Insgesamt ist es eine sehr an den Haaren herbeigezogene Geschichte. Das Handeln von Siggi und dessen Vater wird versucht, psychologisch zu deuten, zu einer Erklärung kommt es nicht. Lenz lässt Unmengen an internationalen Psycholgen in der Besserungsanstalt aufmarschieren, aber zu mehr als echten und erfundenen schlagwortartigen "Diagnosen" kommt es nicht (weder bei Sohn noch bei Vater). Auch der Siggi begleitende Psychologiestudent Wolfgang Mackenroth schreibt nur eine trockene Lebensgeschichte und erklärt das "Retten-Müssen" Siggis als "Jepsen-Phobie". Und um diesen Ansatz wieder zu relativieren, hat Siggi auch einen Sammelwahn von Schlössern und Schlüsseln (hat nichts mit Rettung zu tun, sondern nun ist Siggi wiederum ein manischer Sammler). Es scheint, als ob Lenz eine psychologische Erklärung suchen, aber nicht finden würde. So lässt er Siggi am Ende eine Begründung für sein Eingesperrtsein finden: Er sei in der Besserungsanstalt anstelle der Alten, der Täter, da diese sich nicht mehr "umtrimmen" lassen können und auch "unabkömmlich" seien.

So bleibt der Vater und Dorfpolizist "ein ewiger Ausführer", ein Mann, der ohne Auftrag nur ein "halber Mensch" sei, für den "brauchbare Menschen sich fügen müssen", der nur seine Pflicht tue, der dem Maler zeigen werde, "dass Verbote für alle gemacht seien" (Nansen bricht das Verdunkelungsverbot), der Drang zur Pflichterfüllung sei ein "Tick". Aus dem Mund Nansens ist Pflicht etwas Bedrohliches, die Opfer fordere und vor der sich andere in Acht nehmen müssen, sobald von Pflicht die Rede ist.

Und warum manche Leute Zukunftsvisionen haben, erschließt sich nur mehr sehr schwer. Einzig der Wendehals, ein Redakteur einer NS-Kunstzeitschrift, aus der Nansen ausgeschlossen worden ist, hat sehr viel Fleisch und Blut: Er taucht nach dem Krieg bei Nansen auf, die Zeitschrift hat einen neuen Namen, und will ihn wieder gewinnen. Nansen lehnt angeekelt ab.
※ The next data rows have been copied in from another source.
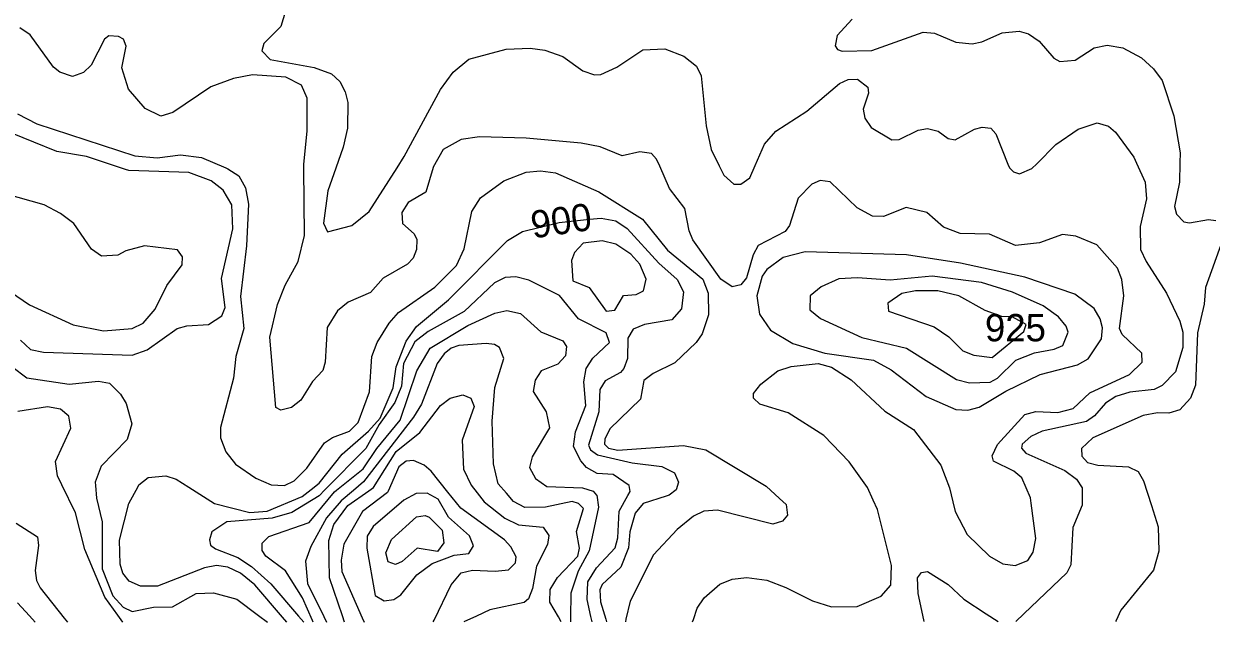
# Model space of a CAD drawing. Extents: x 473.9 to 500, y 7733.1 to 7760.8.
# Drawn here: x 485.784 to 489.264, y 7733.148 to 7734.902 of the extents above; entities that cross this region are included whole.
import ezdxf
from ezdxf.enums import TextEntityAlignment as Align

# ---------------------------------------------------------------- set-up
doc = ezdxf.new("R2010")
doc.units = 0
doc.header["$LTSCALE"] = 0.032
doc.layers.add('1', color=7, linetype='Continuous', lineweight=25)
doc.layers.add('2', color=7, linetype='Continuous', lineweight=13)
doc.layers.add('21', color=7, linetype='Continuous')
doc.layers.add('61', color=7, linetype='Continuous')

msp = doc.modelspace()

# ---------------------------------------------------------------- linework, layer by layer
at = {"layer": '1'}
for points in [[(485.7743, 7733.9747), (485.8036, 7733.9468), (485.8416, 7733.9388), (486.1019, 7733.9305), (486.1459, 7733.9463), (486.2333, 7734.0083), (486.2624, 7734.0168), (486.3255, 7734.0207), (486.3643, 7734.0455), (486.3747, 7734.0702), (486.3636, 7734.1551), (486.3964, 7734.3003), (486.3941, 7734.3714), (486.3688, 7734.4139), (486.3329, 7734.4417), (486.2674, 7734.466), (486.0921, 7734.4712), (486.0827, 7734.4743), (485.9679, 7734.5124), (485.8806, 7734.5272), (485.7466, 7734.5822)], [(486.5552, 7733.1481), (486.5425, 7733.1628), (486.4611, 7733.2571), (486.4196, 7733.2915), (486.3823, 7733.3093), (486.3484, 7733.3135), (486.3136, 7733.3072), (486.1764, 7733.2538), (486.1262, 7733.2533), (486.0934, 7733.2679), (486.0741, 7733.2914), (486.0664, 7733.3181), (486.0651, 7733.3879), (486.0922, 7733.4958), (486.1193, 7733.5459), (486.1215, 7733.55), (486.1485, 7733.5721), (486.2001, 7733.5764), (486.2306, 7733.5666), (486.268, 7733.5431), (486.343, 7733.4959), (486.4462, 7733.4697), (486.497, 7733.4729), (486.6003, 7733.5162), (486.626, 7733.5363), (486.6497, 7733.5548), (486.7169, 7733.6398), (486.7945, 7733.7077), (486.8282, 7733.7453), (486.8666, 7733.8348), (486.8751, 7733.8963), (486.9044, 7733.9717), (486.9345, 7734.0146), (487.0285, 7734.0928), (487.2016, 7734.266), (487.2453, 7734.2931), (487.353, 7734.3191), (487.4418, 7734.3292), (487.4761, 7734.3321), (487.5191, 7734.3236), (487.5526, 7734.3018), (487.6447, 7734.2001), (487.699, 7734.152), (487.7175, 7734.1162), (487.7117, 7734.0663), (487.6834, 7734.0342), (487.6033, 7734.0204), (487.5694, 7734.0063), (487.5537, 7733.9802), (487.5536, 7733.9204), (487.5427, 7733.8913), (487.5323, 7733.8797), (487.4876, 7733.8547), (487.4722, 7733.8301), (487.469, 7733.764), (487.4393, 7733.6667), (487.4448, 7733.6525), (487.4651, 7733.6386), (487.5664, 7733.6144), (487.6537, 7733.6037), (487.6908, 7733.5853), (487.7022, 7733.5586), (487.6953, 7733.5354), (487.6751, 7733.5196), (487.666, 7733.5167), (487.5987, 7733.4953), (487.5759, 7733.4674), (487.5601, 7733.4123), (487.5561, 7733.3656), (487.534, 7733.3087), (487.4785, 7733.2581), (487.4716, 7733.2426), (487.474, 7733.2077), (487.4892, 7733.1562), (487.4914, 7733.1489)], [(486.9841, 7733.1485), (486.9865, 7733.1535), (487.0364, 7733.2577), (487.0656, 7733.2928), (487.0994, 7733.3007), (487.1656, 7733.297), (487.2048, 7733.3016), (487.2252, 7733.322), (487.2268, 7733.3393), (487.2116, 7733.3691), (487.1932, 7733.3893), (487.0645, 7733.4817), (487.0268, 7733.5288), (486.9774, 7733.5905), (486.9578, 7733.6075), (486.9262, 7733.6215), (486.9042, 7733.6196), (486.8827, 7733.6027), (486.8523, 7733.532), (486.8504, 7733.5276), (486.7768, 7733.472), (486.7217, 7733.376), (486.7141, 7733.3296), (486.7166, 7733.2962), (486.776, 7733.161), (486.7816, 7733.1483)]]:
    msp.add_lwpolyline(points, dxfattribs=at)
msp.add_lwpolyline([(488.5175, 7733.8595), (488.5556, 7733.849), (488.6157, 7733.8517), (488.6373, 7733.8634), (488.6906, 7733.9157), (488.7457, 7733.937), (488.8035, 7733.9475), (488.8289, 7733.9584), (488.8446, 7733.9976), (488.8383, 7734.015), (488.8159, 7734.0426), (488.7713, 7734.0747), (488.6811, 7734.1149), (488.5906, 7734.1434), (488.4457, 7734.1619), (488.3227, 7734.1499), (488.227, 7734.1571), (488.1719, 7734.1536), (488.1207, 7734.1304), (488.0879, 7734.1041), (488.087, 7734.0631), (488.1184, 7734.0378), (488.2402, 7733.9821), (488.3703, 7733.9504)], close=True, dxfattribs=at)
at = {"layer": '2'}
for points in [[(486.5618, 7734.9743), (486.5378, 7734.8937), (486.4874, 7734.8437), (486.4813, 7734.8222), (486.5066, 7734.7971), (486.6352, 7734.7738), (486.6861, 7734.7551), (486.7104, 7734.7326), (486.7263, 7734.7017), (486.7333, 7734.6706), (486.7325, 7734.5961), (486.7199, 7734.5403), (486.6982, 7734.4782), (486.6749, 7734.4117), (486.6624, 7734.3174), (486.6738, 7734.2914), (486.7452, 7734.3101), (486.7966, 7734.3512), (486.8779, 7734.4793), (486.8989, 7734.5125), (487.0056, 7734.7088), (487.0426, 7734.7597), (487.0883, 7734.7976), (487.1981, 7734.8268), (487.2678, 7734.8301), (487.3112, 7734.8243), (487.3632, 7734.8061), (487.4227, 7734.7636), (487.456, 7734.7521), (487.4753, 7734.7533), (487.5218, 7734.7742), (487.5985, 7734.8251), (487.6623, 7734.8284), (487.7181, 7734.8065), (487.7552, 7734.777), (487.7688, 7734.7489), (487.7841, 7734.6021), (487.798, 7734.5329), (487.8217, 7734.4853), (487.8355, 7734.4577), (487.8646, 7734.4318), (487.8855, 7734.4315), (487.912, 7734.4498), (487.9274, 7734.486), (487.9541, 7734.5489), (487.988, 7734.5864), (488.0782, 7734.6455), (488.1744, 7734.7262), (488.2001, 7734.7386), (488.2269, 7734.7397), (488.2575, 7734.7157), (488.2591, 7734.698), (488.2435, 7734.6513), (488.249, 7734.6253), (488.2674, 7734.598), (488.3275, 7734.5615), (488.3489, 7734.562), (488.405, 7734.5902), (488.432, 7734.5944), (488.4631, 7734.5865), (488.4924, 7734.5655), (488.5129, 7734.5616), (488.5703, 7734.5929), (488.5922, 7734.5985), (488.6173, 7734.5961), (488.6321, 7734.5789), (488.6677, 7734.4906), (488.6721, 7734.4797), (488.6838, 7734.4679), (488.7021, 7734.462), (488.7383, 7734.4773), (488.7521, 7734.4912), (488.8086, 7734.5478), (488.8741, 7734.5931), (488.9289, 7734.6111), (488.963, 7734.6015), (488.9829, 7734.584), (489.0365, 7734.511), (489.0448, 7734.493), (489.0704, 7734.4374), (489.0738, 7734.3886), (489.0554, 7734.3077), (489.0567, 7734.2405), (489.0727, 7734.2048), (489.1327, 7734.1116)], [(488.2111, 7734.9154), (488.1677, 7734.8676), (488.1617, 7734.8374), (488.1685, 7734.8257), (488.1821, 7734.8208), (488.2692, 7734.8228), (488.4197, 7734.8766), (488.4528, 7734.874), (488.515, 7734.8478), (488.5632, 7734.8431), (488.5911, 7734.8489), (488.6513, 7734.8749), (488.7009, 7734.88), (488.7277, 7734.872), (488.759, 7734.851), (488.8027, 7734.8004), (488.8195, 7734.7914), (488.8651, 7734.7946), (488.9208, 7734.831), (488.9589, 7734.8389), (489.0049, 7734.8313), (489.059, 7734.802), (489.0944, 7734.7693), (489.1195, 7734.7353), (489.1541, 7734.632), (489.1726, 7734.5231), (489.1718, 7734.4938), (489.1704, 7734.4374), (489.156, 7734.3661), (489.1619, 7734.3431), (489.1832, 7734.3213), (489.1995, 7734.3178), (489.2552, 7734.3283), (489.2767, 7734.3247)], [(487.2565, 7734.5663), (487.1193, 7734.5703), (487.0657, 7734.5621), (487.0132, 7734.5333), (486.984, 7734.4814), (486.9836, 7734.48), (486.9621, 7734.4081), (486.9107, 7734.3778), (486.892, 7734.3485), (486.8943, 7734.3161), (486.9281, 7734.2864), (486.9356, 7734.2695), (486.9353, 7734.2402), (486.9251, 7734.2146), (486.9087, 7734.1972), (486.8375, 7734.1559), (486.8001, 7734.114), (486.7344, 7734.0852), (486.7037, 7734.0605), (486.6736, 7734.0114), (486.6674, 7733.9094), (486.6602, 7733.8854), (486.6305, 7733.8531), (486.5962, 7733.7981), (486.5688, 7733.7765), (486.5371, 7733.7688), (486.5227, 7733.7766), (486.5051, 7733.9834), (486.528, 7734.0789), (486.5504, 7734.1352), (486.5886, 7734.2053), (486.6063, 7734.2809), (486.6049, 7734.4776), (486.6048, 7734.4894), (486.6143, 7734.5875), (486.6144, 7734.6835), (486.5983, 7734.7212), (486.5516, 7734.7448), (486.4546, 7734.752), (486.3984, 7734.7415), (486.3324, 7734.7164), (486.2214, 7734.6418), (486.1853, 7734.6308), (486.1402, 7734.6534), (486.0912, 7734.7096), (486.0717, 7734.772), (486.084, 7734.8364), (486.0767, 7734.8564), (486.0618, 7734.8644), (486.0338, 7734.8662), (486.0208, 7734.8569), (485.982, 7734.7799), (485.9593, 7734.7592), (485.9266, 7734.7466), (485.89, 7734.7601), (485.8717, 7734.7742), (485.803, 7734.8693), (485.7725, 7734.8895)], [(485.7659, 7734.6376), (485.8222, 7734.6086), (486.1096, 7734.5146), (486.1749, 7734.5085), (486.2431, 7734.5172), (486.305, 7734.5095), (486.3765, 7734.4795), (486.3818, 7734.4762), (486.4144, 7734.4558), (486.4336, 7734.4203), (486.443, 7734.3732), (486.4368, 7734.2505), (486.4191, 7734.102), (486.4286, 7734.0085), (486.406, 7733.9266), (486.3989, 7733.8628), (486.3609, 7733.7186), (486.3607, 7733.6881), (486.376, 7733.6467), (486.4046, 7733.6111), (486.4638, 7733.57), (486.5088, 7733.5507), (486.5483, 7733.5481), (486.5762, 7733.5625), (486.6139, 7733.5992), (486.665, 7733.6737), (486.689, 7733.6895), (486.7382, 7733.7077), (486.764, 7733.7332), (486.7968, 7733.8227), (486.804, 7733.9268), (486.8195, 7733.9673), (486.8551, 7734.0241), (486.8825, 7734.0554), (486.9887, 7734.1293), (487.0517, 7734.1931), (487.075, 7734.2424), (487.0973, 7734.3512), (487.1222, 7734.3915), (487.1905, 7734.441), (487.256, 7734.4662), (487.2984, 7734.4705), (487.3424, 7734.4651), (487.4687, 7734.4092), (487.5968, 7734.3291), (487.6701, 7734.2384), (487.7737, 7734.153), (487.7898, 7734.1121), (487.7907, 7734.0483), (487.7716, 7733.9926)], [(487.7438, 7733.149), (487.7462, 7733.156), (487.7575, 7733.1889), (487.7779, 7733.2189), (487.8233, 7733.2592), (487.8601, 7733.2734), (487.9027, 7733.2783), (487.9615, 7733.2706), (488.0175, 7733.2497), (488.0955, 7733.21), (488.1511, 7733.1932), (488.2264, 7733.194), (488.2963, 7733.2241), (488.3244, 7733.2567), (488.3263, 7733.3136), (488.2856, 7733.4779), (488.2731, 7733.5053), (488.2564, 7733.5421), (488.2023, 7733.6177), (488.128, 7733.6952), (488.0242, 7733.7617), (487.9406, 7733.7867), (487.9227, 7733.8041), (487.9226, 7733.8179), (487.9435, 7733.8456), (487.9937, 7733.8847), (488.0326, 7733.8974), (488.1116, 7733.9061), (488.1511, 7733.8953), (488.2084, 7733.8585), (488.307, 7733.7664), (488.3912, 7733.7124), (488.471, 7733.6082), (488.4965, 7733.5413), (488.5065, 7733.5009), (488.5137, 7733.472), (488.5485, 7733.4051), (488.6141, 7733.3412), (488.6528, 7733.3188), (488.6892, 7733.3138), (488.726, 7733.3283), (488.7418, 7733.3532), (488.7498, 7733.3928), (488.7363, 7733.4966), (488.7343, 7733.5122), (488.7087, 7733.5707), (488.685, 7733.5905), (488.6256, 7733.6195), (488.622, 7733.635), (488.6375, 7733.6688), (488.717, 7733.7564), (488.7499, 7733.7655), (488.8137, 7733.7625), (488.8588, 7733.7739), (488.908, 7733.8196), (489.0236, 7733.8737), (489.061, 7733.9096), (489.0601, 7733.9361), (489.0023, 7733.9907), (488.995, 7734.0081), (489.0078, 7734.1046), (489.0015, 7734.1523), (488.9888, 7734.1855), (488.9283, 7734.2535), (488.8672, 7734.2793), (488.8281, 7734.2842), (488.7606, 7734.2592), (488.6898, 7734.2518), (488.6137, 7734.2847), (488.5279, 7734.2866), (488.4788, 7734.3057), (488.4305, 7734.3481), (488.3698, 7734.3635), (488.3028, 7734.3365), (488.2708, 7734.3379), (488.2258, 7734.3618), (488.1465, 7734.4384), (488.118, 7734.4425), (488.093, 7734.4311), (488.0537, 7734.39), (488.0281, 7734.3108), (488.0153, 7734.2927), (487.9362, 7734.2517), (487.9212, 7734.2247), (487.9021, 7734.1567), (487.8854, 7734.1365), (487.8598, 7734.1306), (487.8264, 7734.1535), (487.7447, 7734.2686), (487.7338, 7734.2944), (487.7214, 7734.3598), (487.6761, 7734.4191), (487.6475, 7734.4842), (487.6384, 7734.505), (487.623, 7734.5212), (487.5889, 7734.5261), (487.538, 7734.515), (487.473, 7734.5406), (487.4173, 7734.5517), (487.2565, 7734.5663)], [(485.6485, 7734.1818), (485.8005, 7734.0778), (485.9293, 7734.0197), (486.0173, 7734.0021), (486.1014, 7734.0084), (486.1338, 7734.0244), (486.169, 7734.0656), (486.2037, 7734.1345), (486.248, 7734.1948), (486.249, 7734.2188), (486.2344, 7734.2387), (486.1379, 7734.2503), (486.0837, 7734.2364), (486.06, 7734.2234), (486.0124, 7734.2204), (485.9825, 7734.2408), (485.9309, 7734.3163), (485.892, 7734.3457), (485.8436, 7734.3713), (485.7299, 7734.4031)], [(489.2956, 7734.2645), (489.2471, 7734.1282), (489.2427, 7734.0799), (489.223, 7733.9958), (489.217, 7733.8425), (489.2029, 7733.8043)], [(487.4495, 7733.1488), (487.446, 7733.1643), (487.4348, 7733.2144), (487.4368, 7733.2657), (487.4626, 7733.3069), (487.5168, 7733.3657), (487.5247, 7733.3949), (487.5284, 7733.4732), (487.554, 7733.5188), (487.5606, 7733.5307), (487.5576, 7733.5479), (487.5111, 7733.5806), (487.464, 7733.5837), (487.4334, 7733.6007), (487.4162, 7733.6206), (487.3951, 7733.6626), (487.4008, 7733.7052), (487.4312, 7733.7824), (487.4248, 7733.8521), (487.4324, 7733.8917), (487.4518, 7733.922), (487.5001, 7733.9674), (487.4903, 7733.9962), (487.4096, 7734.0366), (487.3536, 7734.1053), (487.2636, 7734.1502), (487.2259, 7734.1596), (487.1949, 7734.1575), (487.1634, 7734.1428), (487.0746, 7734.0588), (486.9688, 7733.9996), (486.9304, 7733.9691), (486.8966, 7733.9062), (486.8907, 7733.8392), (486.8713, 7733.7916), (486.8256, 7733.7272), (486.786, 7733.6566), (486.6664, 7733.5355), (486.6493, 7733.5183), (486.5693, 7733.4689), (486.512, 7733.4526), (486.379, 7733.4418), (486.3348, 7733.4126), (486.3282, 7733.3895), (486.3316, 7733.3738), (486.3456, 7733.3629), (486.4117, 7733.337), (486.4518, 7733.3109), (486.5083, 7733.2605), (486.5895, 7733.1658), (486.6046, 7733.1482)], [(489.1327, 7734.1116), (489.1718, 7734.0302), (489.1808, 7733.998), (489.1808, 7733.9529), (489.1592, 7733.8811), (489.1201, 7733.8417), (489.0961, 7733.8296), (489.0248, 7733.8218), (488.9841, 7733.8094), (488.9534, 7733.7895), (488.9219, 7733.7528), (488.8979, 7733.7355), (488.7682, 7733.7078), (488.7349, 7733.692), (488.7092, 7733.6692), (488.7077, 7733.6577), (488.72, 7733.6429), (488.8341, 7733.5926), (488.8688, 7733.5669), (488.8855, 7733.5418), (488.8858, 7733.4937), (488.8858, 7733.4903), (488.8582, 7733.4249), (488.8519, 7733.3162), (488.8408, 7733.2921), (488.7145, 7733.1723), (488.6907, 7733.1498)], [(486.6319, 7733.1482), (486.63, 7733.1526), (486.6008, 7733.2196), (486.5506, 7733.2985), (486.4935, 7733.3414), (486.4828, 7733.3575), (486.4824, 7733.3795), (486.5022, 7733.3987), (486.62, 7733.44), (486.6951, 7733.5303), (486.7009, 7733.5349), (486.7788, 7733.5971), (486.8186, 7733.6566), (486.8866, 7733.7402), (486.9357, 7733.8848), (486.9753, 7733.9512), (487.085, 7734.0169), (487.1644, 7734.0534), (487.1991, 7734.0615), (487.2399, 7734.0525), (487.2995, 7733.9987), (487.364, 7733.9728), (487.3749, 7733.9561), (487.371, 7733.9288), (487.3487, 7733.9037), (487.3005, 7733.8847), (487.2825, 7733.8575), (487.2771, 7733.8241), (487.3148, 7733.7642), (487.3243, 7733.7171), (487.2742, 7733.6326), (487.2664, 7733.6007), (487.2839, 7733.5688), (487.3172, 7733.5455), (487.4211, 7733.5413), (487.4527, 7733.5314), (487.4628, 7733.5205), (487.4632, 7733.5201), (487.4682, 7733.4849), (487.4411, 7733.3568), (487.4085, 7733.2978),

Auch wenn der Roman ein großer Erfolg war, nach über 50 Jahren erscheint er mir nicht der ganz große Wurf eines Epochenromans zu sein. Dazu gibt es zu viele Leerläufe und eine zum Teil nur schwer nachvollziehbare Charakterentwicklung der Figuren. Sie bleiben letztlich flach gezeichnet.